### ACTIVITY
Reproduce the entries below in full, word for word.

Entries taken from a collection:
----
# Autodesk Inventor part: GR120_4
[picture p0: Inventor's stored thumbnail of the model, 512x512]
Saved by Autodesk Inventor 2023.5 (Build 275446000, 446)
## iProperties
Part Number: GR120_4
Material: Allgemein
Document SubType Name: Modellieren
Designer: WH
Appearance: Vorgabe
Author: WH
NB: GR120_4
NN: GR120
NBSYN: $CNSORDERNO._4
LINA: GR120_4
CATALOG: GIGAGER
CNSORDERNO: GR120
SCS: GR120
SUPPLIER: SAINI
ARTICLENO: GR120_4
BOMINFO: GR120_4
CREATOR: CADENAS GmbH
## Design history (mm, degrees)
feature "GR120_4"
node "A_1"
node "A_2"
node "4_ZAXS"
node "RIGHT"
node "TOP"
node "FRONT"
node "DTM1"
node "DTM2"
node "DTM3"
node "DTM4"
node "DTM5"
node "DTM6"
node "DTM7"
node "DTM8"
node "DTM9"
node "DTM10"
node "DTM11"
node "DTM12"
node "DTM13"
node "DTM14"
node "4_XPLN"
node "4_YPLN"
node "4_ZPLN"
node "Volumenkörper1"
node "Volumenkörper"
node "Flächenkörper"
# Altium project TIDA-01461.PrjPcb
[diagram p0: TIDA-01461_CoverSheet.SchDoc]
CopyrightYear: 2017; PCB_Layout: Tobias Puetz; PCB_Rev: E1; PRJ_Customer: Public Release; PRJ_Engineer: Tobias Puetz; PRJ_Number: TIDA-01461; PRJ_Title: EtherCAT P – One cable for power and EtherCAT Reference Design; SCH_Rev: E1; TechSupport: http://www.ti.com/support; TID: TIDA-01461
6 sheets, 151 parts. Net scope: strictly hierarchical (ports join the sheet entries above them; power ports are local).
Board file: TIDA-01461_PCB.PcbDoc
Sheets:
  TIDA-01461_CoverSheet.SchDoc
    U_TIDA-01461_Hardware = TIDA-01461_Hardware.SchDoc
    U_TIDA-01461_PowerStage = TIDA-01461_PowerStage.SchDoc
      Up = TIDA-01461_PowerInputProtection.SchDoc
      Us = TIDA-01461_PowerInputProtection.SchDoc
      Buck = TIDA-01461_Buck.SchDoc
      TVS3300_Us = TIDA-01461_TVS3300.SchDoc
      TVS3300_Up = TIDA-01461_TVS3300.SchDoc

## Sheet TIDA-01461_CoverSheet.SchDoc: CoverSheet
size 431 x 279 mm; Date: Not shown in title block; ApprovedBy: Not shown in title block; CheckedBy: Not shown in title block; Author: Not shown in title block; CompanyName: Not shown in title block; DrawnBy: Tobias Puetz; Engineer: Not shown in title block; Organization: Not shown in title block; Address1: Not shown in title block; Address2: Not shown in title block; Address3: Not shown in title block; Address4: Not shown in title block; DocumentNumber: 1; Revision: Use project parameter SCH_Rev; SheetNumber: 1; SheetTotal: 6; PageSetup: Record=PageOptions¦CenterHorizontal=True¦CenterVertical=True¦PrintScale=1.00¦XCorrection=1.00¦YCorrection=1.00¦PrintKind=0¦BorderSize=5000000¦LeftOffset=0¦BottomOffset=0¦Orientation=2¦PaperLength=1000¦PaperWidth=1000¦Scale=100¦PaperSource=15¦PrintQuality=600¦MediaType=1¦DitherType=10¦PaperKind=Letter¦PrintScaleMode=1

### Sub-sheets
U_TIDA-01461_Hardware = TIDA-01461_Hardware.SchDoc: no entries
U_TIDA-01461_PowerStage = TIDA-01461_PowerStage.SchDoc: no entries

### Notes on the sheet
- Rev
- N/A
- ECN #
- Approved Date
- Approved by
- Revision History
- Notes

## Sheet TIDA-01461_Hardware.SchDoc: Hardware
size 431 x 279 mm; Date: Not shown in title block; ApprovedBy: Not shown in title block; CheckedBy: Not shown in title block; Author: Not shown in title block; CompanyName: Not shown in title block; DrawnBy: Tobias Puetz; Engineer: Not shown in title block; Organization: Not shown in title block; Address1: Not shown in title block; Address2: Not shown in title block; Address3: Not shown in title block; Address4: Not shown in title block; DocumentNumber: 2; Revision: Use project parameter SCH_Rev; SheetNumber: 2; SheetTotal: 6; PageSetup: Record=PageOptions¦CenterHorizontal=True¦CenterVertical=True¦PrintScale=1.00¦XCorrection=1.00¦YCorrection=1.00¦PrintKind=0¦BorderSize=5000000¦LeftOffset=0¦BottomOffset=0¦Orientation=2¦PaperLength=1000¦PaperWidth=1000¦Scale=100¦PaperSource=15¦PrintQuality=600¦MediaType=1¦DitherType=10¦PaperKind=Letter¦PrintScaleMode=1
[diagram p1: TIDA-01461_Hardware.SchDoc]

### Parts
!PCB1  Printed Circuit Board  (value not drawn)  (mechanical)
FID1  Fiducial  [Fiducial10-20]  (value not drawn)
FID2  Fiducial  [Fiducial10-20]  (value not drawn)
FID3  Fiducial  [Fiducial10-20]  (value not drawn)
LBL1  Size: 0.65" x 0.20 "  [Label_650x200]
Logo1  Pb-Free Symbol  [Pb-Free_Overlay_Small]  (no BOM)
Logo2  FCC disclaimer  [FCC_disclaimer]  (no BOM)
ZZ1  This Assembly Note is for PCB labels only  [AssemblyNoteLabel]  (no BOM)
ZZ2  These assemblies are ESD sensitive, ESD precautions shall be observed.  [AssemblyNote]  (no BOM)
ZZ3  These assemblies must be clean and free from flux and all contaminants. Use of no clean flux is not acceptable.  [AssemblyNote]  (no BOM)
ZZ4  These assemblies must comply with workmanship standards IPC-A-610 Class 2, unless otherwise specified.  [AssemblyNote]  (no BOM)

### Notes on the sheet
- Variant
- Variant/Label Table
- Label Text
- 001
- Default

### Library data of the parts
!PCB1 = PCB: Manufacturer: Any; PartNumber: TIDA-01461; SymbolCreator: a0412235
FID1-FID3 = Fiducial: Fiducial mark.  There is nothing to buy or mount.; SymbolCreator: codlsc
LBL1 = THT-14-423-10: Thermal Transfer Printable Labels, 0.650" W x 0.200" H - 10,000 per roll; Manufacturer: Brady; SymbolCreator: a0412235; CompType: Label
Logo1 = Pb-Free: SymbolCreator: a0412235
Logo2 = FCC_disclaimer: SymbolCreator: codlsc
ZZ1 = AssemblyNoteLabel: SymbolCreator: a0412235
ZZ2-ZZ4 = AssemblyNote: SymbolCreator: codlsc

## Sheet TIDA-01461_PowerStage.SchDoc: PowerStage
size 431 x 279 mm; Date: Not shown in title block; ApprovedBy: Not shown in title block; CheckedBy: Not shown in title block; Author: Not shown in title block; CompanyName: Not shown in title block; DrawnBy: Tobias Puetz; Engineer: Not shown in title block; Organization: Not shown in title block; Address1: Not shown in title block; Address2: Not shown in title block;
----
### WRITTEN RESPONSE
# Autodesk Inventor part: GR120_4
[picture p0: Inventor's stored thumbnail of the model, 512x512]
Saved by Autodesk Inventor 2023.5 (Build 275446000, 446)
## iProperties
Part Number: GR120_4
Material: Allgemein
Document SubType Name: Modellieren
Designer: WH
Appearance: Vorgabe
Author: WH
NB: GR120_4
NN: GR120
NBSYN: $CNSORDERNO._4
LINA: GR120_4
CATALOG: GIGAGER
CNSORDERNO: GR120
SCS: GR120
SUPPLIER: SAINI
ARTICLENO: GR120_4
BOMINFO: GR120_4
CREATOR: CADENAS GmbH
## Design history (mm, degrees)
feature "GR120_4"
node "A_1"
node "A_2"
node "4_ZAXS"
node "RIGHT"
node "TOP"
node "FRONT"
node "DTM1"
node "DTM2"
node "DTM3"
node "DTM4"
node "DTM5"
node "DTM6"
node "DTM7"
node "DTM8"
node "DTM9"
node "DTM10"
node "DTM11"
node "DTM12"
node "DTM13"
node "DTM14"
node "4_XPLN"
node "4_YPLN"
node "4_ZPLN"
node "Volumenkörper1"
node "Volumenkörper"
node "Flächenkörper"
# Altium project TIDA-01461.PrjPcb
[diagram p0: TIDA-01461_CoverSheet.SchDoc]
CopyrightYear: 2017; PCB_Layout: Tobias Puetz; PCB_Rev: E1; PRJ_Customer: Public Release; PRJ_Engineer: Tobias Puetz; PRJ_Number: TIDA-01461; PRJ_Title: EtherCAT P – One cable for power and EtherCAT Reference Design; SCH_Rev: E1; TechSupport: http://www.ti.com/support; TID: TIDA-01461
6 sheets, 151 parts. Net scope: strictly hierarchical (ports join the sheet entries above them; power ports are local).
Board file: TIDA-01461_PCB.PcbDoc
Sheets:
  TIDA-01461_CoverSheet.SchDoc
    U_TIDA-01461_Hardware = TIDA-01461_Hardware.SchDoc
    U_TIDA-01461_PowerStage = TIDA-01461_PowerStage.SchDoc
      Up = TIDA-01461_PowerInputProtection.SchDoc
      Us = TIDA-01461_PowerInputProtection.SchDoc
      Buck = TIDA-01461_Buck.SchDoc
      TVS3300_Us = TIDA-01461_TVS3300.SchDoc
      TVS3300_Up = TIDA-01461_TVS3300.SchDoc

## Sheet TIDA-01461_CoverSheet.SchDoc: CoverSheet
size 431 x 279 mm; Date: Not shown in title block; ApprovedBy: Not shown in title block; CheckedBy: Not shown in title block; Author: Not shown in title block; CompanyName: Not shown in title block; DrawnBy: Tobias Puetz; Engineer: Not shown in title block; Organization: Not shown in title block; Address1: Not shown in title block; Address2: Not shown in title block; Address3: Not shown in title block; Address4: Not shown in title block; DocumentNumber: 1; Revision: Use project parameter SCH_Rev; SheetNumber: 1; SheetTotal: 6; PageSetup: Record=PageOptions¦CenterHorizontal=True¦CenterVertical=True¦PrintScale=1.00¦XCorrection=1.00¦YCorrection=1.00¦PrintKind=0¦BorderSize=5000000¦LeftOffset=0¦BottomOffset=0¦Orientation=2¦PaperLength=1000¦PaperWidth=1000¦Scale=100¦PaperSource=15¦PrintQuality=600¦MediaType=1¦DitherType=10¦PaperKind=Letter¦PrintScaleMode=1

### Sub-sheets
U_TIDA-01461_Hardware = TIDA-01461_Hardware.SchDoc: no entries
U_TIDA-01461_PowerStage = TIDA-01461_PowerStage.SchDoc: no entries

### Notes on the sheet
- Rev
- N/A
- ECN #
- Approved Date
- Approved by
- Revision History
- Notes

## Sheet TIDA-01461_Hardware.SchDoc: Hardware
size 431 x 279 mm; Date: Not shown in title block; ApprovedBy: Not shown in title block; CheckedBy: Not shown in title block; Author: Not shown in title block; CompanyName: Not shown in title block; DrawnBy: Tobias Puetz; Engineer: Not shown in title block; Organization: Not shown in title block; Address1: Not shown in title block; Address2: Not shown in title block; Address3: Not shown in title block; Address4: Not shown in title block; DocumentNumber: 2; Revision: Use project parameter SCH_Rev; SheetNumber: 2; SheetTotal: 6; PageSetup: Record=PageOptions¦CenterHorizontal=True¦CenterVertical=True¦PrintScale=1.00¦XCorrection=1.00¦YCorrection=1.00¦PrintKind=0¦BorderSize=5000000¦LeftOffset=0¦BottomOffset=0¦Orientation=2¦PaperLength=1000¦PaperWidth=1000¦Scale=100¦PaperSource=15¦PrintQuality=600¦MediaType=1¦DitherType=10¦PaperKind=Letter¦PrintScaleMode=1
[diagram p1: TIDA-01461_Hardware.SchDoc]

### Parts
!PCB1  Printed Circuit Board  (value not drawn)  (mechanical)
FID1  Fiducial  [Fiducial10-20]  (value not drawn)
FID2  Fiducial  [Fiducial10-20]  (value not drawn)
FID3  Fiducial  [Fiducial10-20]  (value not drawn)
LBL1  Size: 0.65" x 0.20 "  [Label_650x200]
Logo1  Pb-Free Symbol  [Pb-Free_Overlay_Small]  (no BOM)
Logo2  FCC disclaimer  [FCC_disclaimer]  (no BOM)
ZZ1  This Assembly Note is for PCB labels only  [AssemblyNoteLabel]  (no BOM)
ZZ2  These assemblies are ESD sensitive, ESD precautions shall be observed.  [AssemblyNote]  (no BOM)
ZZ3  These assemblies must be clean and free from flux and all contaminants. Use of no clean flux is not acceptable.  [AssemblyNote]  (no BOM)
ZZ4  These assemblies must comply with workmanship standards IPC-A-610 Class 2, unless otherwise specified.  [AssemblyNote]  (no BOM)

### Notes on the sheet
- Variant
- Variant/Label Table
- Label Text
- 001
- Default

### Library data of the parts
!PCB1 = PCB: Manufacturer: Any; PartNumber: TIDA-01461; SymbolCreator: a0412235
FID1-FID3 = Fiducial: Fiducial mark.  There is nothing to buy or mount.; SymbolCreator: codlsc
LBL1 = THT-14-423-10: Thermal Transfer Printable Labels, 0.650" W x 0.200" H - 10,000 per roll; Manufacturer: Brady; SymbolCreator: a0412235; CompType: Label
Logo1 = Pb-Free: SymbolCreator: a0412235
Logo2 = FCC_disclaimer: SymbolCreator: codlsc
ZZ1 = AssemblyNoteLabel: SymbolCreator: a0412235
ZZ2-ZZ4 = AssemblyNote: SymbolCreator: codlsc

## Sheet TIDA-01461_PowerStage.SchDoc: PowerStage
size 431 x 279 mm; Date: Not shown in title block; ApprovedBy: Not shown in title block; CheckedBy: Not shown in title block; Author: Not shown in title block; CompanyName: Not shown in title block; DrawnBy: Tobias Puetz; Engineer: Not shown in title block; Organization: Not shown in title block; Address1: Not shown in title block; Address2: Not shown in title block;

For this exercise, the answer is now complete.